* **YOUR OBJECTIVE**
Count the lines below holding "Range" and answer with that number only.
========
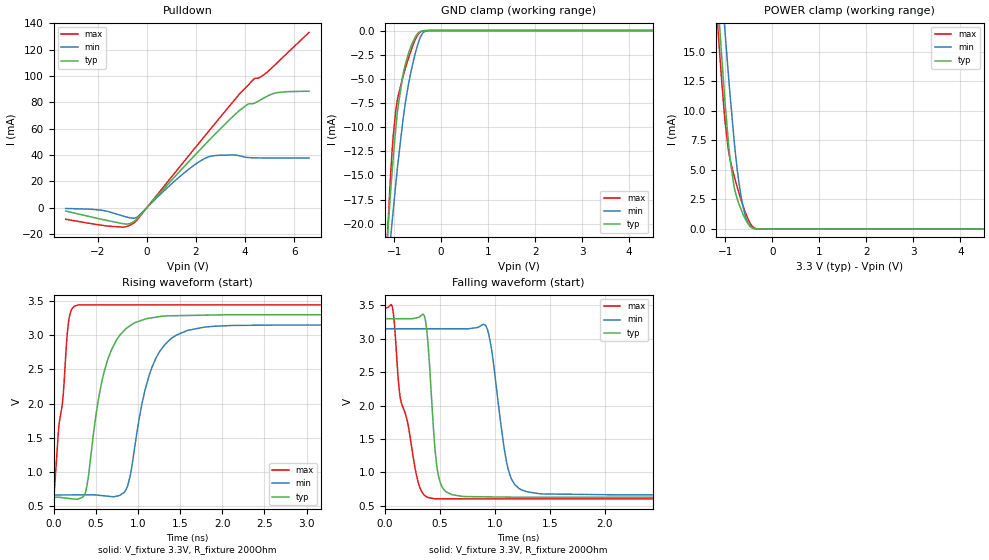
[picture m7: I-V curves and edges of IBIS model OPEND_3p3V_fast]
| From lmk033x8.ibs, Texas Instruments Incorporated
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[Model]   OPEND_3p3V_fast
Model_type   Open_drain
Polarity   Non-Inverting
Vmeas = 1.65
Vref = 3.3
Cref = 15pF
Rref = 200
|   typ   min   max
|   (nom PVT)   (fast PVT)   (slow PVT)
C_comp   0.571p   0.551p   0.636p
|C_comp (ON state)   0.733p   0.694p   0.771p
|C_comp (OFF state)   0.571p   0.551p   0.636p
[Voltage Range]   3.3   3.15   3.45
[Temperature Range]   27   125   -40
[Pullup Reference]   3.3   3.15   3.45
[Pulldown Reference]   0   0   -0
[Power Clamp Reference]   3.3   3.15   3.45
[GND Clamp Reference]   0   0   0
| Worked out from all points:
|   slope of the pulldown table from 0 to 0.495 V, typ, clamps not added: 48 ohm
|   GND clamp passes 1 mA (typ) near -0.58 V on its own axis
|   POWER clamp passes 1 mA (typ) near -0.60 V on its own axis
|   falling waveform, V_fixture 3.3V, R_fixture 200Ohm: 20-80 % time 68.2ps typ, 120ps min, 162ps max; typ from 3.3 V to 0.629 V
|   rising waveform, V_fixture 3.3V, R_fixture 200Ohm: 20-80 % time 244ps typ, 271ps min, 119ps max; typ from 0.63 V to 3.3 V
[Pulldown]
|   Voltage   I(typ)   I(min)   I(max)
-3.3V     -2.52mA    -600.3uA   -8.758mA
-1.865V   -8.706mA   -1.855mA   -13.25mA
-963.6mV  -12.15mA   -6.33mA    -14.77mA
-528mV    -10.55mA   -7.967mA   -11.61mA
-379.5mV  -7.92mA    -6.939mA   -8.819mA
1.541V    31.66mA    26.77mA    35.73mA
2.511V    50.79mA    38.65mA    57.96mA
3.482V    68.92mA    40.03mA    79.92mA
4.125V    78.74mA    38.11mA    93.15mA
4.372V    79.36mA    37.88mA    97.98mA
5.273V    87.34mA    37.74mA    109.6mA
6.6V      88.5mA     37.75mA    133.2mA
[GND Clamp]
|   Voltage   I(typ)   I(min)   I(max)
-3.3V     -203.8mA   -156.3mA   -307mA
-1.171V   -23.41mA   -26.67mA   -23.99mA
-1.073V   -16.48mA   -21.32mA   -14.64mA
-1.053V   -15.2mA    -20.29mA   -13.1mA
-1.023V   -13.35mA   -18.76mA   -11.08mA
-963.6mV  -10.02mA   -15.81mA   -8.174mA
-924mV    -8.154mA   -13.94mA   -6.971mA
-815.1mV  -4.636mA   -9.357mA   -4.815mA
-636.9mV  -1.582mA   -4.164mA   -2.006mA
-438.9mV  -95.08uA   -660.3uA   -145.6uA
-260.7mV  -658.8nA   -9.216uA   -902.5nA
6.6V      0A         0A         0A
[POWER Clamp]
|   Voltage   I(typ)   I(min)   I(max)
-3.3V     163.1mA    154.7mA    175.2mA
-1.162V   19.42mA    25.01mA    17.09mA
-1.092V   15.36mA    21.2mA     13.24mA
-1.013V   11.02mA    16.97mA    9.368mA
-933.9mV  7.229mA    12.94mA    6.584mA
-904.2mV  6.039mA    11.5mA     5.927mA
-815.1mV  3.558mA    7.522mA    4.491mA
-716.1mV  2.165mA    4.038mA    3.108mA
-656.7mV  1.543mA    2.548mA    2.342mA
-567.6mV  770.8uA    1.019mA    1.318mA
-409.2mV  60.75uA    64.51uA    154.9uA
6.6V      0A         0A         0A
[Ramp]
R_load = 200
|   typ   min   max
dV/dt_r   1.60189/2.43817e-10   1.49103/2.71112e-10   1.70661/1.18896e-10
dV/dt_f   1.60248/6.77366e-11   1.49103/1.19833e-10   1.71296/1.61621e-10
[Falling Waveform]
V_fixture = 3.3V
V_fixture_min = 3.15V
V_fixture_max = 3.45V
R_fixture = 200Ohm
C_fixture = 0F
|   Time   V(typ)   V(min)   V(max)
0s        3.3V       3.15V      3.453V
70.66ps   3.3V       3.15V      3.463V
142.1ps   3.3V       3.15V      2.105V
358.6ps   3.345V     3.15V      661.8mV
456.2ps   1.346V     3.15V      605.7mV
549.5ps   721mV      3.15V      605.7mV
918.8ps   635.5mV    3.191V     605.5mV
1.135ns   631mV      966.1mV    605.4mV
1.405ns   629.4mV    682.3mV    605.3mV
19ns      629.2mV    665mV      598.3mV
[Rising Waveform]
V_fixture = 3.3V
V_fixture_min = 3.15V
V_fixture_max = 3.45V
R_fixture = 200Ohm
C_fixture = 0F
|   Time   V(typ)   V(min)   V(max)
0s        630.2mV    665mV      605.6mV
177.1ps   615.6mV    666mV      3.186V
293.2ps   607.7mV    666.7mV    3.444V
394.4ps   787.5mV    667.3mV    3.444V
599.8ps   2.464V     652.8mV    3.444V
861.9ps   3.101V     748mV      3.444V
1.087ns   3.237V     2.211V     3.444V
1.279ns   3.277V     2.798V     3.444V
2.119ns   3.3V       3.143V     3.444V
19ns      3.3V       3.15V      3.45V
========
* **SOLUTION**
2